Burglar-Proof Your Home

Talking with police can help in learning methods most commonly used by burglars in your area. Pretend you are a burglar and examine your home for weak points. Then fortify them. For example, can a window mounted air conditioner be stolen easily or pushed in to gain entrance? Install it more securely. Consider what you own that may attract burglars and make those possessions less conspicuous.

Burglars often cruise in pairs. Upon seeing an empty garage or a car pulling out of a driveway, they ring the doorbell. If someone answers, they ask an innocent question and leave. If there is no response, they try to enter the house in the quickest way.

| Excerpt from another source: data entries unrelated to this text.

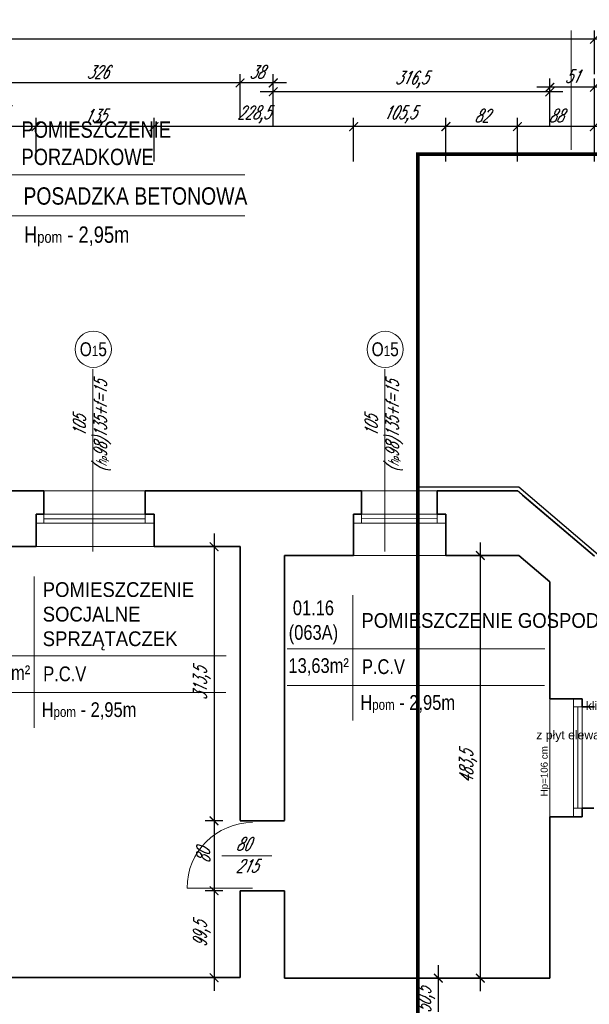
# Model space of a CAD drawing. Header units: millimetres. Extents: x 402 to 79005, y -7782 to 89952.
# Tile 214 of 256: x 25335 to 25987, y 36707 to 37833. Entities that reach past the tile are written whole.
import ezdxf
from ezdxf import colors
from ezdxf.entities.mleader import LeaderData, LeaderLine
from ezdxf.math import Vec2, Vec3

# ---------------------------------------------------------------- set-up
doc = ezdxf.new("R2010")
doc.units = ezdxf.units.MM
doc.header["$LTSCALE"] = 10
doc.linetypes.add('DASHED', pattern=[19.05, 12.7, -6.35])
doc.layers.get('0').update_dxf_attribs({"lineweight": 0})
doc.layers.get('Defpoints').update_dxf_attribs({"color": 253})
for name, color, linetype, lineweight in [('01 parter - ściany', 253, 'Continuous', 35), ('03-01_okna', 253, 'Continuous', 15), ('03_drzwi', 253, 'Continuous', 15), ('04-1_widok', 253, 'Continuous', 5), ('05-01_wymiary', 253, 'Continuous', 5), ('05-03_opis', 253, 'Continuous', 5), ('0_A_GRANICA OPRACOWANIA', 1, 'Continuous', 0), ('0_A_WYMIAROWANIE', 1, 'Continuous', 5), ('0_A_ŚCIANY ', 253, 'Continuous', 30), ('0_OPISY', 1, 'Continuous', 0)]:
    doc.layers.add(name, color=color, linetype=linetype, lineweight=lineweight)
doc.styles.add('ariel', font='ARIAL.TTF', dxfattribs={"width": 0.8})
doc.styles.add('ariel_wym', font='simplex.shx', dxfattribs={"width": 0.65, "oblique": 25})
doc.styles.add('SIMPLEXD', font='simplex.shx', dxfattribs={"width": 0.6})
doc.styles.get("Standard").update_dxf_attribs({"font": 'arial.ttf'})
doc.dimstyles.new('1-100', dxfattribs={"dimtxt": 16, "dimasz": 5, "dimexe": 0, "dimexo": 0, "dimgap": 5, "dimtad": 1, "dimdec": 1, "dimtxsty": 'SIMPLEXD', "dimcen": 5, "dimclrt": 256, "dimadec": 0, "dimazin": 0, "dimtfac": 1, "dimtdec": 0, "dimtix": 1, "dimtmove": 1, "dimatfit": 3, "dimldrblk": 'LP', "dimfxl": 0, "dimarcsym": 0})
doc.dimstyles.new('ariel 50', dxfattribs={"dimtxt": 15, "dimasz": 10, "dimexe": 10, "dimexo": 0, "dimgap": 5, "dimtad": 1, "dimdec": 1, "dimrnd": 0.5, "dimtxsty": 'ariel_wym', "dimblk": 'ARCHTICK', "dimcen": 2.5, "dimdle": 15, "dimazin": 0, "dimtfac": 1, "dimtdec": 1, "dimtix": 1, "dimtmove": 0, "dimatfit": 3, "dimldrblk": 'DOT', "dimfxl": 0, "dimarcsym": 0})
doc.dimstyles.new('ariel 50 wnętrze', dxfattribs={"dimtxt": 15, "dimasz": 10, "dimexe": 10, "dimexo": 0, "dimgap": 5, "dimtad": 1, "dimdec": 1, "dimrnd": 0.5, "dimtxsty": 'ariel_wym', "dimblk": 'ARCHTICK', "dimcen": 2.5, "dimdle": 15, "dimazin": 0, "dimtfac": 1, "dimtdec": 1, "dimtix": 1, "dimtmove": 0, "dimatfit": 3, "dimldrblk": 'DOT', "dimfxl": 0, "dimarcsym": 0})

# ---------------------------------------------------------------- blocks, each defined once
blk = doc.blocks.new('_ArchTick')
at = {"color": 0, "linetype": 'ByBlock', "const_width": 0.15}
blk.add_lwpolyline([(-0.5, -0.5), (0.5, 0.5)], dxfattribs=at)
blk = doc.blocks.new('*D160')
at = {"layer": '05-01_wymiary', "color": 0, "lineweight": -2}
for p, q in [((25904.6, 37670.5), (25904.6, 37720.5)), ((25992.7, 37670.5), (25992.7, 37720.5)), ((26007.7, 37710.5), (25889.6, 37710.5))]:
    blk.add_line(p, q, dxfattribs=at)
at = {"layer": 'Defpoints', "color": 0, "lineweight": 0}
for p in [(25904.6, 37710.5), (25904.6, 37294), (25992.7, 37219.1)]:
    blk.add_point(p, dxfattribs=at)
at = {"layer": '05-01_wymiary', "color": 0, "lineweight": -2, "xscale": 10, "yscale": 10, "zscale": 10, "rotation": 180}
blk.add_blockref('_ArchTick', (25904.6, 37710.5), dxfattribs=at)
at = {"layer": '05-01_wymiary', "color": 0, "lineweight": -2, "xscale": 10, "yscale": 10, "zscale": 10}
blk.add_blockref('_ArchTick', (25992.7, 37710.5), dxfattribs=at)
at = {"layer": '05-01_wymiary', "color": 0, "insert": (25948.7, 37723), "char_height": 15, "attachment_point": 5, "style": 'ariel_wym'}
blk.add_mtext('88', dxfattribs=at)
blk = doc.blocks.new('_Dot')
at = {"color": 0, "linetype": 'ByBlock', "lineweight": -2}
blk.add_line((-0.5, 0), (-1, 0), dxfattribs=at)
at = {"color": 0, "linetype": 'ByBlock', "const_width": 0.5}
blk.add_lwpolyline([(-0.25, 0, 1), (0.25, 0, 1)], format="xyb", close=True, dxfattribs=at)
blk = doc.blocks.new('*D161')
at = {"layer": '05-01_wymiary', "color": 0, "lineweight": -2}
for p, q in [((25822.8, 37670.5), (25822.8, 37720.5)), ((25904.6, 37670.5), (25904.6, 37720.5)), ((25919.6, 37710.5), (25807.8, 37710.5))]:
    blk.add_line(p, q, dxfattribs=at)
at = {"layer": 'Defpoints', "color": 0, "lineweight": 0}
for p in [(25822.8, 37710.5), (25904.6, 37294), (25822.8, 37219.9)]:
    blk.add_point(p, dxfattribs=at)
at = {"layer": '05-01_wymiary', "color": 0, "lineweight": -2, "xscale": 10, "yscale": 10, "zscale": 10, "rotation": 180}
blk.add_blockref('_ArchTick', (25822.8, 37710.5), dxfattribs=at)
at = {"layer": '05-01_wymiary', "color": 0, "lineweight": -2, "xscale": 10, "yscale": 10, "zscale": 10}
blk.add_blockref('_ArchTick', (25904.6, 37710.5), dxfattribs=at)
at = {"layer": '05-01_wymiary', "color": 0, "insert": (25863.7, 37723), "char_height": 15, "attachment_point": 5, "style": 'ariel_wym'}
blk.add_mtext('82', dxfattribs=at)
blk = doc.blocks.new('*D162')
at = {"layer": '05-01_wymiary', "color": 0, "lineweight": -2}
for p, q in [((25717.2, 37670.5), (25717.2, 37720.5)), ((25822.8, 37670.5), (25822.8, 37720.5)), ((25837.8, 37710.5), (25702.2, 37710.5))]:
    blk.add_line(p, q, dxfattribs=at)
at = {"layer": 'Defpoints', "color": 0, "lineweight": 0}
for p in [(25717.2, 37710.5), (25717.2, 37220), (25822.8, 37219.9)]:
    blk.add_point(p, dxfattribs=at)
at = {"layer": '05-01_wymiary', "color": 0, "lineweight": -2, "xscale": 10, "yscale": 10, "zscale": 10, "rotation": 180}
blk.add_blockref('_ArchTick', (25717.2, 37710.5), dxfattribs=at)
at = {"layer": '05-01_wymiary', "color": 0, "lineweight": -2, "xscale": 10, "yscale": 10, "zscale": 10}
blk.add_blockref('_ArchTick', (25822.8, 37710.5), dxfattribs=at)
at = {"layer": '05-01_wymiary', "color": 0, "insert": (25770, 37724.4), "char_height": 15, "attachment_point": 5, "style": 'ariel_wym'}
blk.add_mtext('105,5', dxfattribs=at)
blk = doc.blocks.new('*D163')
at = {"layer": '05-01_wymiary', "color": 0, "lineweight": -2}
for p, q in [((25488.8, 37670.5), (25488.8, 37720.5)), ((25717.2, 37670.5), (25717.2, 37720.5)), ((25732.2, 37710.5), (25473.8, 37710.5))]:
    blk.add_line(p, q, dxfattribs=at)
at = {"layer": 'Defpoints', "color": 0}
for p in [(25488.8, 37710.5), (25488.8, 37230), (25717.2, 37220)]:
    blk.add_point(p, dxfattribs=at)
at = {"layer": '05-01_wymiary', "color": 0, "lineweight": -2, "xscale": 10, "yscale": 10, "zscale": 10, "rotation": 180}
blk.add_blockref('_ArchTick', (25488.8, 37710.5), dxfattribs=at)
at = {"layer": '05-01_wymiary', "color": 0, "lineweight": -2, "xscale": 10, "yscale": 10, "zscale": 10}
blk.add_blockref('_ArchTick', (25717.2, 37710.5), dxfattribs=at)
at = {"layer": '05-01_wymiary', "color": 0, "insert": (25603, 37724.4), "char_height": 15, "attachment_point": 5, "style": 'ariel_wym'}
blk.add_mtext('228,5', dxfattribs=at)
blk = doc.blocks.new('*D164')
at = {"layer": '05-01_wymiary', "color": 0, "lineweight": -2}
for p, q in [((25353.8, 37670.5), (25353.8, 37720.5)), ((25488.8, 37670.5), (25488.8, 37720.5)), ((25503.8, 37710.5), (25338.8, 37710.5))]:
    blk.add_line(p, q, dxfattribs=at)
at = {"layer": 'Defpoints', "color": 0}
for p in [(25353.8, 37710.5), (25353.8, 37230), (25488.8, 37230)]:
    blk.add_point(p, dxfattribs=at)
at = {"layer": '05-01_wymiary', "color": 0, "lineweight": -2, "xscale": 10, "yscale": 10, "zscale": 10, "rotation": 180}
blk.add_blockref('_ArchTick', (25353.8, 37710.5), dxfattribs=at)
at = {"layer": '05-01_wymiary', "color": 0, "lineweight": -2, "xscale": 10, "yscale": 10, "zscale": 10}
blk.add_blockref('_ArchTick', (25488.8, 37710.5), dxfattribs=at)
at = {"layer": '05-01_wymiary', "color": 0, "insert": (25421.3, 37723), "char_height": 15, "attachment_point": 5, "style": 'ariel_wym'}
blk.add_mtext('135', dxfattribs=at)
blk = doc.blocks.new('*D165')
at = {"layer": '05-01_wymiary', "color": 0, "lineweight": -2}
for p, q in [((25261.2, 37670.5), (25261.2, 37720.5)), ((25353.8, 37670.5), (25353.8, 37720.5)), ((25368.8, 37710.5), (25246.2, 37710.5))]:
    blk.add_line(p, q, dxfattribs=at)
at = {"layer": 'Defpoints', "color": 0}
for p in [(25261.2, 37710.5), (25261.2, 37294), (25353.8, 37230)]:
    blk.add_point(p, dxfattribs=at)
at = {"layer": '05-01_wymiary', "color": 0, "lineweight": -2, "xscale": 10, "yscale": 10, "zscale": 10, "rotation": 180}
blk.add_blockref('_ArchTick', (25261.2, 37710.5), dxfattribs=at)
at = {"layer": '05-01_wymiary', "color": 0, "lineweight": -2, "xscale": 10, "yscale": 10, "zscale": 10}
blk.add_blockref('_ArchTick', (25353.8, 37710.5), dxfattribs=at)
at = {"layer": '05-01_wymiary', "color": 0, "insert": (25307.5, 37724.4), "char_height": 15, "attachment_point": 5, "style": 'ariel_wym'}
blk.add_mtext('92,5', dxfattribs=at)
blk = doc.blocks.new('*D176')
at = {"layer": '05-01_wymiary', "color": 0, "lineweight": -2}
for p, q in [((25941.7, 37715.5), (25941.7, 37765.5)), ((25992.7, 37715.5), (25992.7, 37765.5)), ((26007.7, 37755.5), (25926.7, 37755.5))]:
    blk.add_line(p, q, dxfattribs=at)
at = {"layer": 'Defpoints', "color": 0, "lineweight": 0}
for p in [(25941.7, 37755.5), (25992.7, 37219.1), (25941.7, 37189.7)]:
    blk.add_point(p, dxfattribs=at)
at = {"layer": '05-01_wymiary', "color": 0, "lineweight": -2, "xscale": 10, "yscale": 10, "zscale": 10, "rotation": 180}
blk.add_blockref('_ArchTick', (25941.7, 37755.5), dxfattribs=at)
at = {"layer": '05-01_wymiary', "color": 0, "lineweight": -2, "xscale": 10, "yscale": 10, "zscale": 10}
blk.add_blockref('_ArchTick', (25992.7, 37755.5), dxfattribs=at)
at = {"layer": '05-01_wymiary', "color": 0, "insert": (25967.2, 37768), "char_height": 15, "attachment_point": 5, "style": 'ariel_wym'}
blk.add_mtext('51', dxfattribs=at)
blk = doc.blocks.new('*D177')
at = {"layer": '05-01_wymiary', "color": 0, "lineweight": -2}
for p, q in [((25625.2, 37710.4), (25625.2, 37760.4)), ((25941.7, 37710.4), (25941.7, 37760.4)), ((25956.7, 37750.4), (25610.2, 37750.4))]:
    blk.add_line(p, q, dxfattribs=at)
at = {"layer": 'Defpoints', "color": 0, "lineweight": 0}
for p in [(25625.2, 37750.4), (25625.2, 37219.9), (25941.7, 37189.7)]:
    blk.add_point(p, dxfattribs=at)
at = {"layer": '05-01_wymiary', "color": 0, "lineweight": -2, "xscale": 10, "yscale": 10, "zscale": 10, "rotation": 180}
blk.add_blockref('_ArchTick', (25625.2, 37750.4), dxfattribs=at)
at = {"layer": '05-01_wymiary', "color": 0, "lineweight": -2, "xscale": 10, "yscale": 10, "zscale": 10}
blk.add_blockref('_ArchTick', (25941.7, 37750.4), dxfattribs=at)
at = {"layer": '05-01_wymiary', "color": 0, "insert": (25783.4, 37764.3), "char_height": 15, "attachment_point": 5, "style": 'ariel_wym'}
blk.add_mtext('316,5', dxfattribs=at)
blk = doc.blocks.new('*D178')
at = {"layer": '05-01_wymiary', "color": 0, "lineweight": -2}
for p, q in [((25587.2, 37720.5), (25587.2, 37770.5)), ((25625.2, 37720.5), (25625.2, 37770.5)), ((25640.2, 37760.5), (25572.2, 37760.5))]:
    blk.add_line(p, q, dxfattribs=at)
at = {"layer": 'Defpoints', "color": 0}
for p in [(25587.2, 37760.5), (25587.2, 37230), (25625.2, 37219.9)]:
    blk.add_point(p, dxfattribs=at)
at = {"layer": '05-01_wymiary', "color": 0, "lineweight": -2, "xscale": 10, "yscale": 10, "zscale": 10, "rotation": 180}
blk.add_blockref('_ArchTick', (25587.2, 37760.5), dxfattribs=at)
at = {"layer": '05-01_wymiary', "color": 0, "lineweight": -2, "xscale": 10, "yscale": 10, "zscale": 10}
blk.add_blockref('_ArchTick', (25625.2, 37760.5), dxfattribs=at)
at = {"layer": '05-01_wymiary', "color": 0, "insert": (25606.2, 37773), "char_height": 15, "attachment_point": 5, "style": 'ariel_wym'}
blk.add_mtext('38', dxfattribs=at)
blk = doc.blocks.new('*D179')
at = {"layer": '05-01_wymiary', "color": 0, "lineweight": -2}
for p, q in [((25261.2, 37720.5), (25261.2, 37770.5)), ((25587.2, 37720.5), (25587.2, 37770.5)), ((25602.2, 37760.5), (25246.2, 37760.5))]:
    blk.add_line(p, q, dxfattribs=at)
at = {"layer": 'Defpoints', "color": 0}
for p in [(25261.2, 37760.5), (25261.2, 37294), (25587.2, 37230)]:
    blk.add_point(p, dxfattribs=at)
at = {"layer": '05-01_wymiary', "color": 0, "lineweight": -2, "xscale": 10, "yscale": 10, "zscale": 10, "rotation": 180}
blk.add_blockref('_ArchTick', (25261.2, 37760.5), dxfattribs=at)
at = {"layer": '05-01_wymiary', "color": 0, "lineweight": -2, "xscale": 10, "yscale": 10, "zscale": 10}
blk.add_blockref('_ArchTick', (25587.2, 37760.5), dxfattribs=at)
at = {"layer": '05-01_wymiary', "color": 0, "insert": (25424.2, 37773), "char_height": 15, "attachment_point": 5, "style": 'ariel_wym'}
blk.add_mtext('326', dxfattribs=at)
blk = doc.blocks.new('*D186')
at = {"layer": '05-01_wymiary', "color": 0, "lineweight": -2}
for p, q in [((26007.7, 37810.5), (23878.7, 37810.5)), ((23893.7, 37770.5), (23893.7, 37820.5)), ((25992.7, 37770.5), (25992.7, 37820.5))]:
    blk.add_line(p, q, dxfattribs=at)
at = {"layer": 'Defpoints', "color": 0, "lineweight": 0}
for p in [(23893.7, 37810.5), (23893.7, 37254.1), (25992.7, 37219.1)]:
    blk.add_point(p, dxfattribs=at)
at = {"layer": '05-01_wymiary', "color": 0, "lineweight": -2, "xscale": 10, "yscale": 10, "zscale": 10, "rotation": 180}
blk.add_blockref('_ArchTick', (23893.7, 37810.5), dxfattribs=at)
at = {"layer": '05-01_wymiary', "color": 0, "lineweight": -2, "xscale": 10, "yscale": 10, "zscale": 10}
blk.add_blockref('_ArchTick', (25992.7, 37810.5), dxfattribs=at)
at = {"layer": '05-01_wymiary', "color": 0, "insert": (24943.2, 37823), "char_height": 15, "attachment_point": 5, "style": 'ariel_wym'}
blk.add_mtext('2099', dxfattribs=at)
blk = doc.blocks.new('*D867')
at = {"layer": '05-01_wymiary', "color": 0, "lineweight": -2}
for p, q in [((25557.5, 37245), (25557.5, 36901.4)), ((25567.5, 37230), (25547.5, 37230)), ((25567.5, 36916.4), (25547.5, 36916.4))]:
    blk.add_line(p, q, dxfattribs=at)
at = {"layer": 'Defpoints', "color": 0}
for p in [(25587.2, 37230), (25557.5, 36916.4), (25587.2, 36916.4)]:
    blk.add_point(p, dxfattribs=at)
at = {"layer": '05-01_wymiary', "color": 0, "lineweight": -2, "xscale": 10, "yscale": 10, "zscale": 10}
for p, rotation in [((25557.5, 37230), 90), ((25557.5, 36916.4), 270)]:
    blk.add_blockref('_ArchTick', p, dxfattribs=dict(at, rotation=rotation))
at = {"layer": '05-01_wymiary', "color": 0, "insert": (25543.6, 37073.2), "char_height": 15, "attachment_point": 5, "rotation": 90, "style": 'ariel_wym'}
blk.add_mtext('313,5', dxfattribs=at)
blk = doc.blocks.new('*D868')
at = {"layer": '05-01_wymiary', "color": 0, "lineweight": -2}
for p, q in [((25557.5, 36931.4), (25557.5, 36821.4)), ((25567.5, 36916.4), (25547.5, 36916.4)), ((25567.5, 36836.4), (25547.5, 36836.4))]:
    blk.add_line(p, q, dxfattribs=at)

The most common means of access is an unlocked door. If doors are secured with simple locks, burglars can break the locks or use force until the screws burst out of the wood or the frame gives way. Or they can break a cellar window.

If you have any hollow wooden doors or flimsy door frames leading to the outside or to the garage, replace them with solid wooden or steel doors and firm frames. Install 180 degree peepholes and stout dead bolt locks in the outside doors and mount attractive grillwork over all of your lower windows. Trim shrubbery to eliminate hiding places. For added protection, install outdoor floodlights, a fence and gate, and electronic alarm systems.

Don't put your name on the mailbox. Burglars will phone to determine if you are home. If they get the answering machine, they know too much.

Encourage neighbors to keep an eye on your place when you are away and you can do the same for them alerting each other when strangers are observed.

Before leaving town, arrange to have your home look occupied. Ask a friend or relative to come by daily, but at different times, to park a car in the driveway, put lut the garbage on pickup days, take in the mail and newspapers, shovel the snow or mow the grass, and alter the draperies and automatic light-timers.

Avoid attracting attention. Some of it may prove unwelcome. If a new stereo or home computer arrives, don't upt the labeled carton in the trash without flattening it inside out. On the other hand, it is wise to etch your social security number on your valuables.

Don't keep cash around, travelers' checks are safer. If you hide valuables, keep a map of their locations in a safe deposit box or with an attorney. Burglars know where people generally keep valuables, and they will look in those places first. In picking places to hide valuables, remember that the kitchen is most often used and that toilet tanks are favorite spots. Leave some money and less-expensive valuables in the open and hope a burglar will overlook the gem collection in the bottom of the goldfish tank.